Congratulations! I hope I get to that point one day...

On July 5, I will have been married 5 months! hehehe...


----------



## Rachael Polachek (Feb 19, 2005)

sjc said:


> Thanks  Today is my 34th Wedding Anniversary!! My Husband and I went to a "elegant" restuarant and made "goo goo" eyes at each other! :wink:


So you were married at the age of 10???? :wink:


----------



## sjc (Jan 14, 2005)

Rachael....actually we got married when we just turned 18 :shock: So, not to much past ten :wink:


----------



## Boogaloo (Mar 27, 2004)

Great photo! 

Lola llikes to be held like that, too!


----------



## LittleHead (May 20, 2004)

Awww...how cute! My aunt and uncle's chihuahua, Chewie, LOVES sleeping on his back. My uncle even showed me footage he recorded of Chewie when he was asleep...he looked too hilarious!


----------



## Kari (May 13, 2004)

Sandra you are beautiful! Don't take offense, but you do NOT look your age at all! :wink: 

Bruiser is so funny! :lol:


----------



## sjc (Jan 14, 2005)

Thanks Kari! Not offended......very flattered!!!


----------



## P-Nut (Dec 1, 2004)

How cute


----------



## xfayex (Apr 4, 2005)

" " 
I agree with everyone!


----------



## OzzyAndLilysMom (Mar 9, 2004)

lol so cute you and Bruiser are adorable - ozzy loves to lay in your arms like a baby too :lol:


----------



## Rachael Polachek (Feb 19, 2005)

Kari said:


> Sandra you are beautiful! Don't take offense, but you do NOT look your age at all! :wink:
> 
> Bruiser is so funny! :lol:


Kari, I know you're fairly young but someday you will understand there's no way Sandra could possibly have taken offense.


----------



## sjc (Jan 14, 2005)

Rachael.....You are so right! :wink: However, "Hot flashes" have a way of keeping me "Humble"!! :wink:


----------



## chimom (Apr 1, 2005)

What a great pic. You are very attractive, and one of those people the camera just seems to love! 

From that pic, I honestly would have guessed your age at around 35 - 40. Whatever you're doing, keep it up gal, 'cause you look great.


----------



## stefania (Apr 16, 2005)

This is too cute ,i gotta say you do lok very fancy and young for your age not saying you are old  :wave:


----------



## xx-nathalie-xx (Jan 10, 2005)

34th anniversary ?? that's not possible .......

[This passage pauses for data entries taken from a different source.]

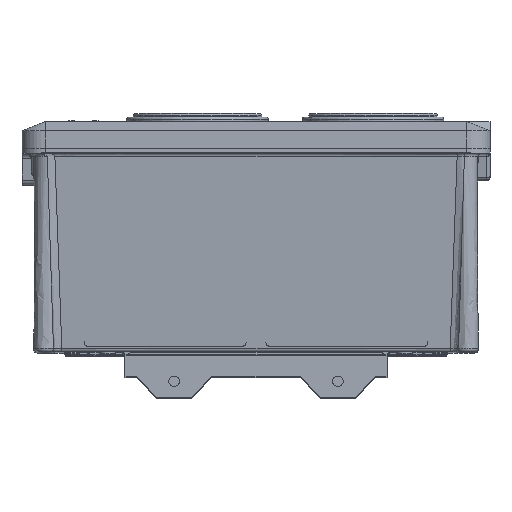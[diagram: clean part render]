
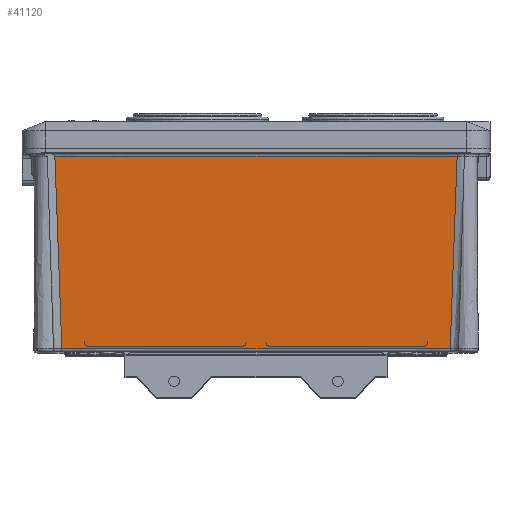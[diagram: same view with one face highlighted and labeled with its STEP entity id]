
A CAD part, top view. The second image highlights one B-rep face of the part: STEP entity #41120.
In plain terms, the highlighted free-form (B-spline) face has degree [3, 1] with [4, 2] control points.
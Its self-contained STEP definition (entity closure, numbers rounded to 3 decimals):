
#12542=CARTESIAN_POINT('',(-332.961,-172.211,564.198));
#12543=VERTEX_POINT('',#12542);
#14134=CARTESIAN_POINT('',(-1.04,-172.211,564.198));
#14135=VERTEX_POINT('',#14134);
#14146=CARTESIAN_POINT('',(-332.961,-172.211,564.198));
#14147=CARTESIAN_POINT('',(-222.321,-172.211,564.198));
#14148=CARTESIAN_POINT('',(-111.68,-172.211,564.198));
#14149=CARTESIAN_POINT('',(-1.04,-172.211,564.198));
#14150=B_SPLINE_CURVE_WITH_KNOTS('',3,(#14146,#14147,#14148,#14149),.UNSPECIFIED.,.F.,.F.,(4,4),(0.,0.332),.UNSPECIFIED.);
#14151=EDGE_CURVE('',#12543,#14135,#14150,.T.);
#31236=CARTESIAN_POINT('',(4.897,-7.844,575.799));
#31237=VERTEX_POINT('',#31236);
#31238=CARTESIAN_POINT('',(4.899,-7.789,575.803));
#31239=VERTEX_POINT('',#31238);
#31240=CARTESIAN_POINT('',(4.896,-7.844,575.799));
#31241=CARTESIAN_POINT('',(4.897,-7.826,575.8));
#31242=CARTESIAN_POINT('',(4.898,-7.807,575.802));
#31243=CARTESIAN_POINT('',(4.898,-7.789,575.803));
#31244=B_SPLINE_CURVE_WITH_KNOTS('',3,(#31240,#31241,#31242,#31243),.UNSPECIFIED.,.F.,.F.,(4,4),(0.,1.),.UNSPECIFIED.);
#31245=EDGE_CURVE('',#31237,#31239,#31244,.T.);
#31372=CARTESIAN_POINT('',(-338.9,-7.789,575.803));
#31373=VERTEX_POINT('',#31372);
#31423=CARTESIAN_POINT('',(4.899,-7.789,575.803));
#31424=CARTESIAN_POINT('',(-109.701,-7.789,575.803));
#31425=CARTESIAN_POINT('',(-224.3,-7.789,575.803));
#31426=CARTESIAN_POINT('',(-338.9,-7.789,575.803));
#31427=B_SPLINE_CURVE_WITH_KNOTS('',3,(#31423,#31424,#31425,#31426),.UNSPECIFIED.,.F.,.F.,(4,4),(0.169,0.513),.UNSPECIFIED.);
#31428=EDGE_CURVE('',#31239,#31373,#31427,.T.);
#41086=CARTESIAN_POINT('',(-332.961,-172.211,564.198));
#41087=CARTESIAN_POINT('',(-334.941,-117.404,568.067));
#41088=CARTESIAN_POINT('',(-336.92,-62.596,571.935));
#41089=CARTESIAN_POINT('',(-338.9,-7.789,575.803));
#41090=B_SPLINE_CURVE_WITH_KNOTS('',3,(#41086,#41087,#41088,#41089),.UNSPECIFIED.,.F.,.F.,(4,4),(0.016,0.984),.UNSPECIFIED.);
#41091=EDGE_CURVE('',#12543,#31373,#41090,.T.);
#41098=CARTESIAN_POINT('',(-1.04,-172.211,564.198));
#41099=CARTESIAN_POINT('',(4.899,-7.789,575.803));
#41100=CARTESIAN_POINT('',(-111.68,-172.211,564.198));
#41101=CARTESIAN_POINT('',(-109.701,-7.789,575.803));
#41102=CARTESIAN_POINT('',(-222.321,-172.211,564.198));
#41103=CARTESIAN_POINT('',(-224.3,-7.789,575.803));
#41104=CARTESIAN_POINT('',(-332.961,-172.211,564.198));
#41105=CARTESIAN_POINT('',(-338.9,-7.789,575.803));
#41106=B_SPLINE_SURFACE_WITH_KNOTS('',3,1,((#41098,#41099),(#41100,#41101),(#41102,#41103),(#41104,#41105)),.UNSPECIFIED.,.F.,.F.,.U.,(4,4),(2,2),(0.,1.),(0.016,0.984),.UNSPECIFIED.);
#41107=ORIENTED_EDGE('',*,*,#41091,.F.);
#41108=ORIENTED_EDGE('',*,*,#14151,.T.);
#41109=CARTESIAN_POINT('',(-1.04,-172.211,564.198));
#41110=CARTESIAN_POINT('',(0.939,-117.422,568.065));
#41111=CARTESIAN_POINT('',(2.918,-62.633,571.932));
#41112=CARTESIAN_POINT('',(4.897,-7.844,575.799));
#41113=B_SPLINE_CURVE_WITH_KNOTS('',3,(#41109,#41110,#41111,#41112),.UNSPECIFIED.,.F.,.F.,(4,4),(0.017,0.984),.UNSPECIFIED.);
#41114=EDGE_CURVE('',#14135,#31237,#41113,.T.);
#41115=ORIENTED_EDGE('',*,*,#41114,.T.);
#41116=ORIENTED_EDGE('',*,*,#31245,.T.);
#41117=ORIENTED_EDGE('',*,*,#31428,.T.);
#41118=EDGE_LOOP('',(#41107,#41108,#41115,#41116,#41117));
#41119=FACE_BOUND('',#41118,.T.);
#41120=ADVANCED_FACE('',(#41119),#41106,.F.);
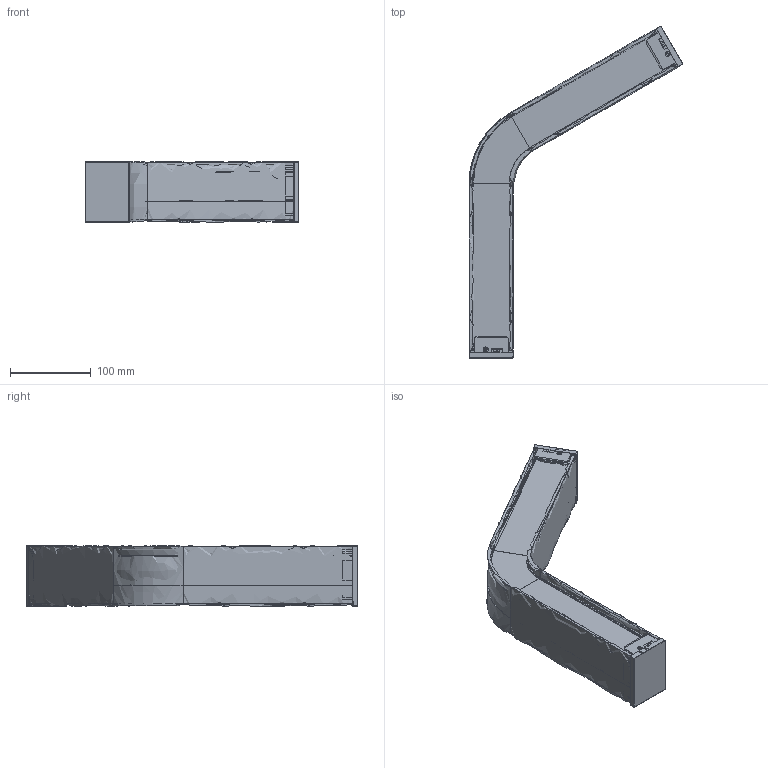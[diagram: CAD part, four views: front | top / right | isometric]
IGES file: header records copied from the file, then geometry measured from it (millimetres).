
Global section: file name: C:\Users\info\Desktop\CRIS\05. NEW PRODUCT\LUMINARIA KISS\3D para web\KISS A120 - IGS.igs; native system: Rhinoceros ( Feb 27 2019 ); preprocessor: Trout Lake IGES 012 Feb 27 2019; date: 260424.120325; units: millimetre
Bounding box: 264.94 x 411.39 x 75 mm (x, y, z)
Surface area: 404615.4 mm2 (no closed solid volume)
Topology: 0 solids, 0 shells, 1922 faces, 17364 edges, 17358 vertices
Faces by surface type: bspline 1922
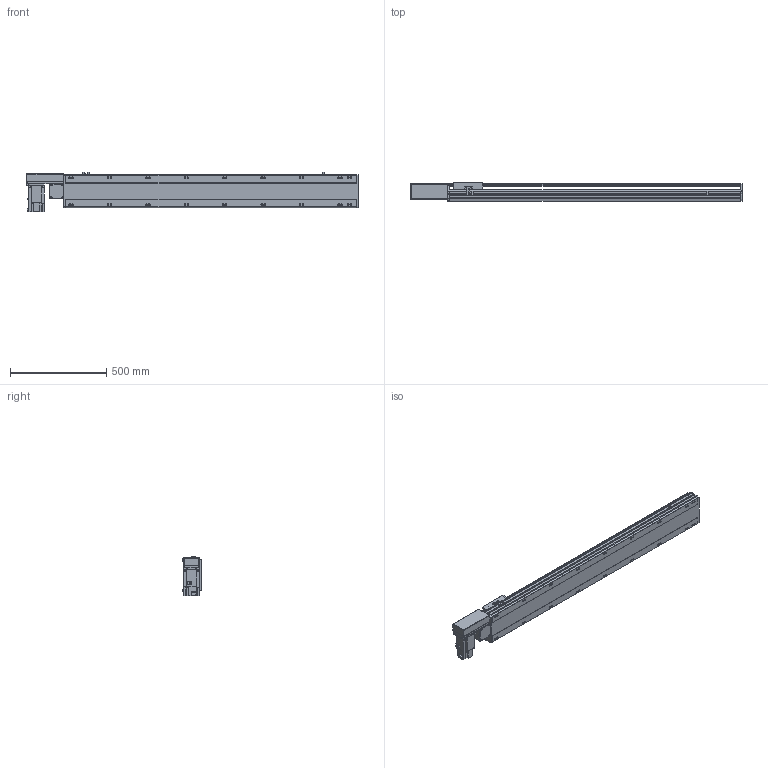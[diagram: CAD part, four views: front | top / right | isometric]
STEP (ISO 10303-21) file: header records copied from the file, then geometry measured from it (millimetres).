
FILE_DESCRIPTION( ( 'STEP AP214' ), '1' );
FILE_NAME( 'x:/temp/worker_4/temp/exporttempdir_2248_266_k0zzH/format_0/PBS170-P40-S1250-R-T75-C1-N(0).stp', '2022-06-07T07:30:23', ( 'License CC BY-ND 4.0' ), ( 'CADENAS' ), ' ', 'PARTsolutions', ' ' );
FILE_SCHEMA( ( 'AUTOMOTIVE_DESIGN { 1 0 10303 214 1 1 1 1 }' ) );
Length unit declared in the file: millimetre
Products named in the file (7): PBS170-P40-S1250-R-T75-C1-N(0); _PBS170-S1250()_body; _PBS170T-R_motors; _T75-p1; _PBS170_sliser; _PBS170_plant; _PBS170_sensor
Assembly tree (8 placements, depth 2):
  PBS170-P40-S1250-R-T75-C1-N(0)
    _PBS170-S1250()_body
    _PBS170T-R_motors
    _T75-p1
    _PBS170_sliser
    _PBS170_plant
    _PBS170_sensor  x3
Bounding box: 1728 x 97 x 205.3 mm (x, y, z)
Volume: 12769007.5 mm3; surface area: 1656160.5 mm2
Topology: 8 solids, 8 shells, 1098 faces, 2915 edges, 1900 vertices
Faces by surface type: plane 693, cylinder 347, cone 48, sphere 8, torus 2
Full cylindrical faces by diameter (mm): 3.242 x4, 4 x2, 4.4 x4, 4.5 x6, 4.917 x4, 6 x9, 6.647 x26, 7 x2, 7.5 x4, 8 x8, 8.5 x18, 10 x4, 10.5 x18, 11 x2, 30 x2, 40 x1, 70 x1
Entity records: 40382 total; most frequent: CARTESIAN_POINT 6389, DIRECTION 5370, ORIENTED_EDGE 5088, EDGE_CURVE 2544, AXIS2_PLACEMENT_3D 1867, VERTEX_POINT 1754, LINE 1636, VECTOR 1636

i'm not kidding i would have guessed you were a thirty-forty something :? 
but i knew you were older,so i had you pictured entirely different

bruiser i so funny  

kisses nat


----------



## Kari (May 13, 2004)

Rachael Polachek said:


> Kari said:
> 
> 
> > Sandra you are beautiful! Don't take offense, but you do NOT look your age at all! :wink:
> ...


Yes I am still young, 25. :wink: Sometimes people get offended for no reason on here, so I often throw that sentence in!


----------



## nikki&paris (May 30, 2005)

:shock: :shock: :shock: Wowser...you are gorgeous!! I love the photo of you and Bruiser...he looks so relaxed knowing he's in good hands (Mom's of course!). How sweet. :love5:


----------



## sjc (Jan 14, 2005)

Thanks again everyone! Boy, you guys have made my whole week!!  

Stefania----Its o.k. sweatheart, I'am old! :lol: 

age is just a number anyway! I have a incredible Husband, two handsome sons and three great Chihuahuas!!! What else does one need??? :wink: 


sandra


----------



## Kari (May 13, 2004)

To look as good as you do you must have had an excellent marriage! I have read that stressful marriages make women age faster. :?


----------



## KB (Apr 13, 2004)

OMG my two would never do that, its amazing  :shock: 

Happy anniversary........ :wave:


----------



## KB (Apr 13, 2004)

Kari said:


> I have read that stressful marriages make women age faster. :?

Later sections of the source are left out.